TASK TO CARRY OUT: Every line holding "name" should be copied from the records below.

MATERIAL PROVIDED:
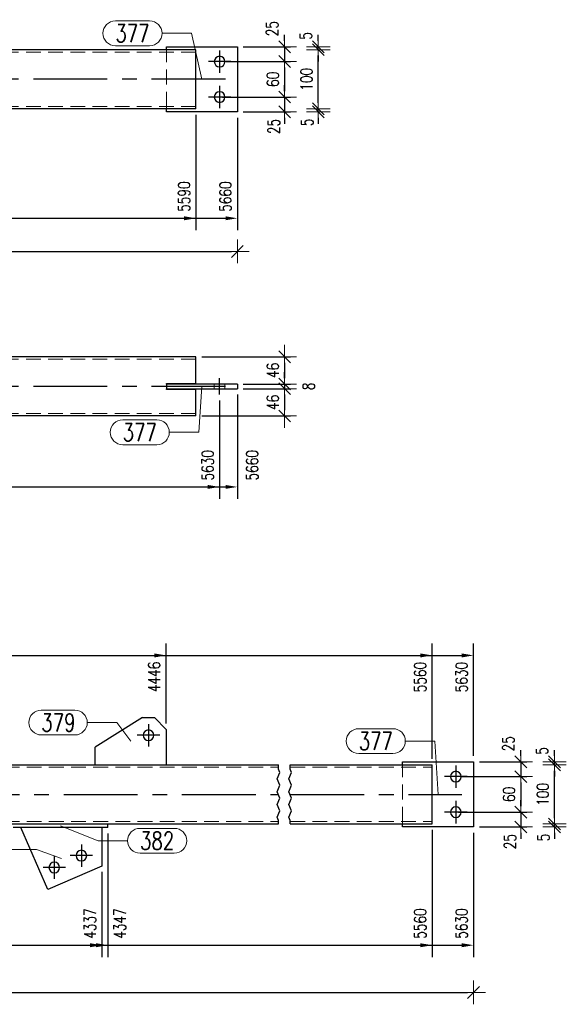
# Model space of a CAD drawing. Header units: millimetres. Extents: x -1005 to 207, y 18226 to 18896.
# Tile 12 of 50: x -667 to -574, y 18525 to 18692. Entities that reach past the tile are written whole.
import ezdxf

# ---------------------------------------------------------------- set-up
doc = ezdxf.new("R2010")
doc.units = ezdxf.units.MM
doc.header["$LTSCALE"] = 10
doc.linetypes.add('HIDDEN', pattern=[0.375, 0.25, -0.125])
doc.linetypes.add('MITTE', pattern=[2, 1.25, -0.25, 0.25, -0.25])
doc.layers.get('Defpoints').update_dxf_attribs({"color": 1})
for name, color, linetype, lineweight in [('PS_DIM', 4, 'Continuous', 13), ('PS_Hidden', 2, 'HIDDEN', 9), ('PS_Pos', 1, 'Continuous', 15), ('PS_Shape', 161, 'Continuous', 30), ('PS_SOLID', 7, 'Continuous', 30)]:
    doc.layers.add(name, color=color, linetype=linetype, lineweight=lineweight)
doc.layers.add('PS_Mid', color=5, linetype='MITTE')
doc.styles.add('simplex', font='simplex.shx', dxfattribs={"width": 0.75})
doc.dimstyles.new('1_10_GŁ_DS1-LS10', dxfattribs={"dimtxt": 2, "dimasz": 2, "dimexe": 2, "dimexo": 1, "dimgap": 1, "dimtad": 1, "dimjust": 4, "dimdec": 0, "dimlfac": 10, "dimtxsty": 'simplex', "dimblk1": 'NONE', "dimsah": 1, "dimcen": 2, "dimclrd": 256, "dimclre": 256, "dimclrt": 3, "dimadec": 1, "dimazin": 0, "dimtfac": 1, "dimtdec": 0, "dimtmove": 2, "dimatfit": 3, "dimfxl": 1, "dimarcsym": 0})
doc.dimstyles.new('1_10_PRZ', dxfattribs={"dimtxt": 2, "dimasz": 1, "dimexe": 2, "dimexo": 5, "dimgap": 1, "dimtad": 1, "dimdec": 0, "dimlfac": 10, "dimtxsty": 'simplex', "dimblk": 'dimznak', "dimcen": 2, "dimse1": 1, "dimse2": 1, "dimclrt": 3, "dimadec": 1, "dimazin": 0, "dimtfac": 1, "dimtdec": 0, "dimtix": 1, "dimtmove": 2, "dimatfit": 3, "dimldrblk": 'dim-grot', "dimfxl": 1, "dimarcsym": 0})
doc.dimstyles.new('1_10_PRZ_DS1-LS10', dxfattribs={"dimtxt": 2, "dimasz": 1, "dimexe": 2, "dimexo": 5, "dimgap": 1, "dimtad": 1, "dimdec": 0, "dimlfac": 10, "dimtxsty": 'simplex', "dimblk": 'dimznak', "dimcen": 2, "dimse1": 1, "dimse2": 1, "dimclrt": 3, "dimadec": 1, "dimazin": 0, "dimtfac": 1, "dimtdec": 0, "dimtix": 1, "dimtmove": 2, "dimatfit": 3, "dimldrblk": 'dim-grot', "dimfxl": 1, "dimarcsym": 0})
doc.dimstyles.new('1_10_SC', dxfattribs={"dimtxt": 2, "dimasz": 1, "dimexe": 1, "dimexo": 1, "dimgap": 1, "dimtad": 1, "dimdec": 0, "dimlfac": 10, "dimtxsty": 'simplex', "dimblk": 'dimznak', "dimcen": 2, "dimclrd": 256, "dimclre": 256, "dimclrt": 3, "dimadec": 1, "dimazin": 0, "dimtfac": 1, "dimtdec": 0, "dimtix": 1, "dimtmove": 2, "dimatfit": 3, "dimldrblk": 'dim-grot', "dimfxl": 1, "dimarcsym": 0})

# ---------------------------------------------------------------- blocks, each defined once
blk = doc.blocks.new('dimznak')
at = {"color": 0}
for points in [[(0, 2), (0, -2)], [(-2, 0), (2, 0)]]:
    blk.add_lwpolyline(points, dxfattribs=at)
at = {"color": 2}
blk.add_lwpolyline([(1, 1), (-1, -1)], dxfattribs=at)
blk = doc.blocks.new('*D109')
at = {"layer": 'Defpoints', "color": 0, "transparency": 16777216}
for p in [(-630.03, 18687.33), (-633.03, 18684.83), (-622.03, 18684.83)]:
    blk.add_point(p, dxfattribs=at)
at = {"layer": 'PS_DIM', "lineweight": -2, "transparency": 16777216}
for p, q in [((-622.03, 18688.33), (-622.03, 18689.33)), ((-629.03, 18687.33), (-621.03, 18687.33)), ((-622.03, 18687.33), (-622.03, 18684.83)), ((-632.03, 18684.83), (-621.03, 18684.83)), ((-622.03, 18683.83), (-622.03, 18682.83))]:
    blk.add_line(p, q, dxfattribs=at)
for p, rotation in [((-622.03, 18687.33), 270), ((-622.03, 18684.83), 90)]:
    blk.add_blockref('dimznak', p, dxfattribs=dict(at, rotation=rotation))
at = {"layer": 'PS_DIM', "color": 3, "transparency": 16777216, "insert": (-624.13, 18690.4), "char_height": 2, "attachment_point": 5, "rotation": 90, "style": 'simplex'}
blk.add_mtext('25', dxfattribs=at)
blk = doc.blocks.new('dim-grot')
blk.add_hatch(color=256).paths.add_polyline_path([(0, 0), (-2, 0.5), (-2, -0.5)])
blk.add_lwpolyline([(0, 0), (-2, 0.5), (-2, -0.5), (0, 0)])
blk = doc.blocks.new('*D110')
at = {"layer": 'Defpoints', "color": 0, "transparency": 16777216}
for p in [(-633.03, 18684.83), (-633.56, 18678.83), (-622.03, 18678.83)]:
    blk.add_point(p, dxfattribs=at)
at = {"layer": 'PS_DIM', "lineweight": -2, "transparency": 16777216}
for p, q in [((-632.03, 18684.83), (-621.03, 18684.83)), ((-622.03, 18683.83), (-622.03, 18679.83)), ((-632.56, 18678.83), (-621.03, 18678.83))]:
    blk.add_line(p, q, dxfattribs=at)
for p, rotation in [((-622.03, 18684.83), 90), ((-622.03, 18678.83), 270)]:
    blk.add_blockref('dimznak', p, dxfattribs=dict(at, rotation=rotation))
at = {"layer": 'PS_DIM', "color": 3, "transparency": 16777216, "insert": (-624.03, 18681.83), "char_height": 2, "attachment_point": 5, "rotation": 90, "style": 'simplex'}
blk.add_mtext('60', dxfattribs=at)
blk = doc.blocks.new('*D111')
at = {"layer": 'Defpoints', "color": 0, "transparency": 16777216}
for p in [(-633.56, 18678.83), (-630.03, 18676.33), (-622.03, 18676.33)]:
    blk.add_point(p, dxfattribs=at)
at = {"layer": 'PS_DIM', "lineweight": -2, "transparency": 16777216}
for p, q in [((-622.03, 18679.83), (-622.03, 18680.83)), ((-632.56, 18678.83), (-621.03, 18678.83)), ((-622.03, 18678.83), (-622.03, 18676.33)), ((-629.03, 18676.33), (-621.03, 18676.33)), ((-622.03, 18675.33), (-622.03, 18674.33))]:
    blk.add_line(p, q, dxfattribs=at)
for p, rotation in [((-622.03, 18678.83), 270), ((-622.03, 18676.33), 90)]:
    blk.add_blockref('dimznak', p, dxfattribs=dict(at, rotation=rotation))
at = {"layer": 'PS_DIM', "color": 3, "transparency": 16777216, "insert": (-623.85, 18673.85), "char_height": 2, "attachment_point": 5, "rotation": 90, "style": 'simplex'}
blk.add_mtext('25', dxfattribs=at)
blk = doc.blocks.new('*D112')
at = {"layer": 'Defpoints', "color": 0, "transparency": 16777216}
for p in [(-642.03, 18676.33), (-637.03, 18676.83), (-616.33, 18676.83)]:
    blk.add_point(p, dxfattribs=at)
at = {"layer": 'PS_DIM', "color": 0, "lineweight": -2, "transparency": 16777216}
for p, q in [((-616.33, 18677.83), (-616.33, 18678.83)), ((-616.33, 18676.33), (-616.33, 18676.83)), ((-616.33, 18675.33), (-616.33, 18674.33))]:
    blk.add_line(p, q, dxfattribs=at)
for p, rotation in [((-616.33, 18676.83), 270), ((-616.33, 18676.33), 90)]:
    blk.add_blockref('dimznak', p, dxfattribs=dict(at, rotation=rotation))
at = {"layer": 'PS_DIM', "color": 3, "transparency": 16777216, "insert": (-618.21, 18674.55), "char_height": 2, "attachment_point": 5, "rotation": 90, "style": 'simplex'}
blk.add_mtext('5', dxfattribs=at)
blk = doc.blocks.new('*D113')
at = {"layer": 'Defpoints', "color": 0, "transparency": 16777216}
for p in [(-637.03, 18686.83), (-616.33, 18686.83), (-637.03, 18676.83)]:
    blk.add_point(p, dxfattribs=at)
at = {"layer": 'PS_DIM', "color": 0, "lineweight": -2, "transparency": 16777216}
blk.add_line((-616.33, 18677.83), (-616.33, 18685.83), dxfattribs=at)
for p, rotation in [((-616.33, 18686.83), 90), ((-616.33, 18676.83), 270)]:
    blk.add_blockref('dimznak', p, dxfattribs=dict(at, rotation=rotation))
at = {"layer": 'PS_DIM', "color": 3, "transparency": 16777216, "insert": (-618.33, 18681.83), "char_height": 2, "attachment_point": 5, "rotation": 90, "style": 'simplex'}
blk.add_mtext('100', dxfattribs=at)
blk = doc.blocks.new('*D114')
at = {"layer": 'Defpoints', "color": 0, "transparency": 16777216}
for p in [(-637.03, 18686.83), (-630.03, 18687.33), (-616.33, 18687.33)]:
    blk.add_point(p, dxfattribs=at)
at = {"layer": 'PS_DIM', "color": 0, "lineweight": -2, "transparency": 16777216}
for p, q in [((-616.33, 18688.33), (-616.33, 18689.33)), ((-616.33, 18686.83), (-616.33, 18687.33)), ((-616.33, 18685.83), (-616.33, 18684.83))]:
    blk.add_line(p, q, dxfattribs=at)
for p, rotation in [((-616.33, 18687.33), 270), ((-616.33, 18686.83), 90)]:
    blk.add_blockref('dimznak', p, dxfattribs=dict(at, rotation=rotation))
at = {"layer": 'PS_DIM', "color": 3, "transparency": 16777216, "insert": (-618.45, 18689.19), "char_height": 2, "attachment_point": 5, "rotation": 90, "style": 'simplex'}
blk.add_mtext('5', dxfattribs=at)
blk = doc.blocks.new('*D115')
at = {"layer": 'Defpoints', "color": 0, "transparency": 16777216}
for p in [(-590.07, 18566.42), (-593.07, 18563.92), (-582.07, 18563.92)]:
    blk.add_point(p, dxfattribs=at)
at = {"layer": 'PS_DIM', "lineweight": -2, "transparency": 16777216}
for p, q in [((-582.07, 18567.42), (-582.07, 18568.42)), ((-589.07, 18566.42), (-581.07, 18566.42)), ((-582.07, 18566.42), (-582.07, 18563.92)), ((-592.07, 18563.92), (-581.07, 18563.92)), ((-582.07, 18562.92), (-582.07, 18561.92))]:
    blk.add_line(p, q, dxfattribs=at)
for p, rotation in [((-582.07, 18566.42), 270), ((-582.07, 18563.92), 90)]:
    blk.add_blockref('dimznak', p, dxfattribs=dict(at, rotation=rotation))
at = {"layer": 'PS_DIM', "color": 3, "transparency": 16777216, "insert": (-584.17, 18569.48), "char_height": 2, "attachment_point": 5, "rotation": 90, "style": 'simplex'}
blk.add_mtext('25', dxfattribs=at)
blk = doc.blocks.new('*D116')
at = {"layer": 'Defpoints', "color": 0, "transparency": 16777216}
for p in [(-593.07, 18563.92), (-593.61, 18557.92), (-582.07, 18557.92)]:
    blk.add_point(p, dxfattribs=at)
at = {"layer": 'PS_DIM', "lineweight": -2, "transparency": 16777216}
for p, q in [((-592.07, 18563.92), (-581.07, 18563.92)), ((-582.07, 18562.92), (-582.07, 18558.92)), ((-592.61, 18557.92), (-581.07, 18557.92))]:
    blk.add_line(p, q, dxfattribs=at)
for p, rotation in [((-582.07, 18563.92), 90), ((-582.07, 18557.92), 270)]:
    blk.add_blockref('dimznak', p, dxfattribs=dict(at, rotation=rotation))
at = {"layer": 'PS_DIM', "color": 3, "transparency": 16777216, "insert": (-584.07, 18560.92), "char_height": 2, "attachment_point": 5, "rotation": 90, "style": 'simplex'}
blk.add_mtext('60', dxfattribs=at)
blk = doc.blocks.new('*D117')
at = {"layer": 'Defpoints', "color": 0, "transparency": 16777216}
for p in [(-593.61, 18557.92), (-590.07, 18555.42), (-582.07, 18555.42)]:
    blk.add_point(p, dxfattribs=at)
at = {"layer": 'PS_DIM', "lineweight": -2, "transparency": 16777216}
for p, q in [((-582.07, 18558.92), (-582.07, 18559.92)), ((-592.61, 18557.92), (-581.07, 18557.92)), ((-582.07, 18557.92), (-582.07, 18555.42)), ((-589.07, 18555.42), (-581.07, 18555.42)), ((-582.07, 18554.42), (-582.07, 18553.42))]:
    blk.add_line(p, q, dxfattribs=at)
for p, rotation in [((-582.07, 18557.92), 270), ((-582.07, 18555.42), 90)]:
    blk.add_blockref('dimznak', p, dxfattribs=dict(at, rotation=rotation))
at = {"layer": 'PS_DIM', "color": 3, "transparency": 16777216, "insert": (-583.89, 18552.93), "char_height": 2, "attachment_point": 5, "rotation": 90, "style": 'simplex'}
blk.add_mtext('25', dxfattribs=at)
blk = doc.blocks.new('*D118')
at = {"layer": 'Defpoints', "color": 0, "transparency": 16777216}
for p in [(-602.07, 18555.42), (-597.07, 18555.92), (-576.37, 18555.92)]:
    blk.add_point(p, dxfattribs=at)
at = {"layer": 'PS_DIM', "color": 0, "lineweight": -2, "transparency": 16777216}
for p, q in [((-576.37, 18556.92), (-576.37, 18557.92)), ((-576.37, 18555.42), (-576.37, 18555.92)), ((-576.37, 18554.42), (-576.37, 18553.42))]:
    blk.add_line(p, q, dxfattribs=at)
for p, rotation in [((-576.37, 18555.92), 270), ((-576.37, 18555.42), 90)]:
    blk.add_blockref('dimznak', p, dxfattribs=dict(at, rotation=rotation))
at = {"layer": 'PS_DIM', "color": 3, "transparency": 16777216, "insert": (-578.25, 18553.63), "char_height": 2, "attachment_point": 5, "rotation": 90, "style": 'simplex'}
blk.add_mtext('5', dxfattribs=at)
blk = doc.blocks.new('*D119')
at = {"layer": 'Defpoints', "color": 0, "transparency": 16777216}
for p in [(-597.07, 18565.92), (-576.37, 18565.92), (-597.07, 18555.92)]:
    blk.add_point(p, dxfattribs=at)
at = {"layer": 'PS_DIM', "color": 0, "lineweight": -2, "transparency": 16777216}
blk.add_line((-576.37, 18556.92), (-576.37, 18564.92), dxfattribs=at)
for p, rotation in [((-576.37, 18565.92), 90), ((-576.37, 18555.92), 270)]:
    blk.add_blockref('dimznak', p, dxfattribs=dict(at, rotation=rotation))
at = {"layer": 'PS_DIM', "color": 3, "transparency": 16777216, "insert": (-578.37, 18560.92), "char_height": 2, "attachment_point": 5, "rotation": 90, "style": 'simplex'}
blk.add_mtext('100', dxfattribs=at)
blk = doc.blocks.new('*D120')
at = {"layer": 'Defpoints', "color": 0, "transparency": 16777216}
for p in [(-590.07, 18566.42), (-576.37, 18566.42), (-597.07, 18565.92)]:
    blk.add_point(p, dxfattribs=at)
at = {"layer": 'PS_DIM', "color": 0, "lineweight": -2, "transparency": 16777216}
for p, q in [((-576.37, 18567.42), (-576.37, 18568.42)), ((-576.37, 18565.92), (-576.37, 18566.42)), ((-576.37, 18564.92), (-576.37, 18563.92))]:
    blk.add_line(p, q, dxfattribs=at)
for p, rotation in [((-576.37, 18566.42), 270), ((-576.37, 18565.92), 90)]:
    blk.add_blockref('dimznak', p, dxfattribs=dict(at, rotation=rotation))
at = {"layer": 'PS_DIM', "color": 3, "transparency": 16777216, "insert": (-578.49, 18568.27), "char_height": 2, "attachment_point": 5, "rotation": 90, "style": 'simplex'}
blk.add_mtext('5', dxfattribs=at)
blk = doc.blocks.new('*D169')
at = {"layer": 'Defpoints', "color": 0, "transparency": 16777216}
for p in [(-637.03, 18634.91), (-630.03, 18630.31), (-622.03, 18630.31)]:
    blk.add_point(p, dxfattribs=at)
at = {"layer": 'PS_DIM', "lineweight": -2, "transparency": 16777216}
for p, q in [((-636.03, 18634.91), (-621.03, 18634.91)), ((-622.03, 18633.91), (-622.03, 18631.31)), ((-629.03, 18630.31), (-621.03, 18630.31))]:
    blk.add_line(p, q, dxfattribs=at)
for p, rotation in [((-622.03, 18634.91), 90), ((-622.03, 18630.31), 270)]:
    blk.add_blockref('dimznak', p, dxfattribs=dict(at, rotation=rotation))
at = {"layer": 'PS_DIM', "color": 3, "transparency": 16777216, "insert": (-624.03, 18632.61), "char_height": 2, "attachment_point": 5, "rotation": 90, "style": 'simplex'}
blk.add_mtext('46', dxfattribs=at)
blk = doc.blocks.new('*D170')
at = {"layer": 'Defpoints', "color": 0, "transparency": 16777216}
for p in [(-630.03, 18630.31), (-630.03, 18629.51), (-622.03, 18629.51)]:
    blk.add_point(p, dxfattribs=at)
at = {"layer": 'PS_DIM', "lineweight": -2, "transparency": 16777216}
for p, q in [((-622.03, 18631.31), (-622.03, 18632.31)), ((-629.03, 18630.31), (-621.03, 18630.31)), ((-622.03, 18630.31), (-622.03, 18629.51)), ((-629.03, 18629.51), (-621.03, 18629.51)), ((-622.03, 18628.51), (-622.03, 18627.51))]:
    blk.add_line(p, q, dxfattribs=at)
for p, rotation in [((-622.03, 18630.31), 270), ((-622.03, 18629.51), 90)]:
    blk.add_blockref('dimznak', p, dxfattribs=dict(at, rotation=rotation))
at = {"layer": 'PS_DIM', "color": 3, "transparency": 16777216, "insert": (-617.97, 18629.91), "char_height": 2, "attachment_point": 5, "rotation": 90, "style": 'simplex'}
blk.add_mtext('8', dxfattribs=at)
blk = doc.blocks.new('*D171')
at = {"layer": 'Defpoints', "color": 0, "transparency": 16777216}
for p in [(-630.03, 18629.51), (-637.03, 18624.91), (-622.03, 18624.91)]:
    blk.add_point(p, dxfattribs=at)
at = {"layer": 'PS_DIM', "lineweight": -2, "transparency": 16777216}
for p, q in [((-629.03, 18629.51), (-621.03, 18629.51)), ((-622.03, 18628.51), (-622.03, 18625.91)), ((-636.03, 18624.91), (-621.03, 18624.91))]:
    blk.add_line(p, q, dxfattribs=at)
for p, rotation in [((-622.03, 18629.51), 90), ((-622.03, 18624.91), 270)]:
    blk.add_blockref('dimznak', p, dxfattribs=dict(at, rotation=rotation))
at = {"layer": 'PS_DIM', "color": 3, "transparency": 16777216, "insert": (-624.03, 18627.21), "char_height": 2, "attachment_point": 5, "rotation": 90, "style": 'simplex'}
blk.add_mtext('46', dxfattribs=at)
blk = doc.blocks.new('*D231')
at = {"layer": 'Defpoints', "color": 0, "transparency": 16777216}
for p in [(-803.74, 18676.83), (-637.03, 18676.83), (-637.03, 18658.33)]:
    blk.add_point(p, dxfattribs=at)
at = {"layer": 'PS_DIM', "lineweight": -2, "transparency": 16777216}
for p, q in [((-803.74, 18675.83), (-803.74, 18656.33)), ((-637.03, 18675.83), (-637.03, 18656.33)), ((-803.74, 18658.33), (-639.03, 18658.33))]:
    blk.add_line(p, q, dxfattribs=at)
at = {"layer": 'PS_DIM', "transparency": 16777216}
blk.add_solid([(-639.03, 18658.67), (-639.03, 18658), (-637.03, 18658.33)], dxfattribs=at)
at = {"layer": 'PS_DIM', "color": 3, "transparency": 16777216, "insert": (-639.05, 18662), "char_height": 2, "attachment_point": 5, "rotation": 90, "style": 'simplex'}
blk.add_mtext('5590', dxfattribs=at)
blk = doc.blocks.new('_None')
blk = doc.blocks.new('*D232')
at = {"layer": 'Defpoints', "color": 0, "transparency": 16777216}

EXERCISE SOLUTION:
for name, color, linetype, lineweight in [('PS_DIM', 4, 'Continuous', 13), ('PS_Hidden', 2, 'HIDDEN', 9), ('PS_Pos', 1, 'Continuous', 15), ('PS_Shape', 161, 'Continuous', 30), ('PS_SOLID', 7, 'Continuous', 30)]:
    doc.layers.add(name, color=color, linetype=linetype, lineweight=lineweight)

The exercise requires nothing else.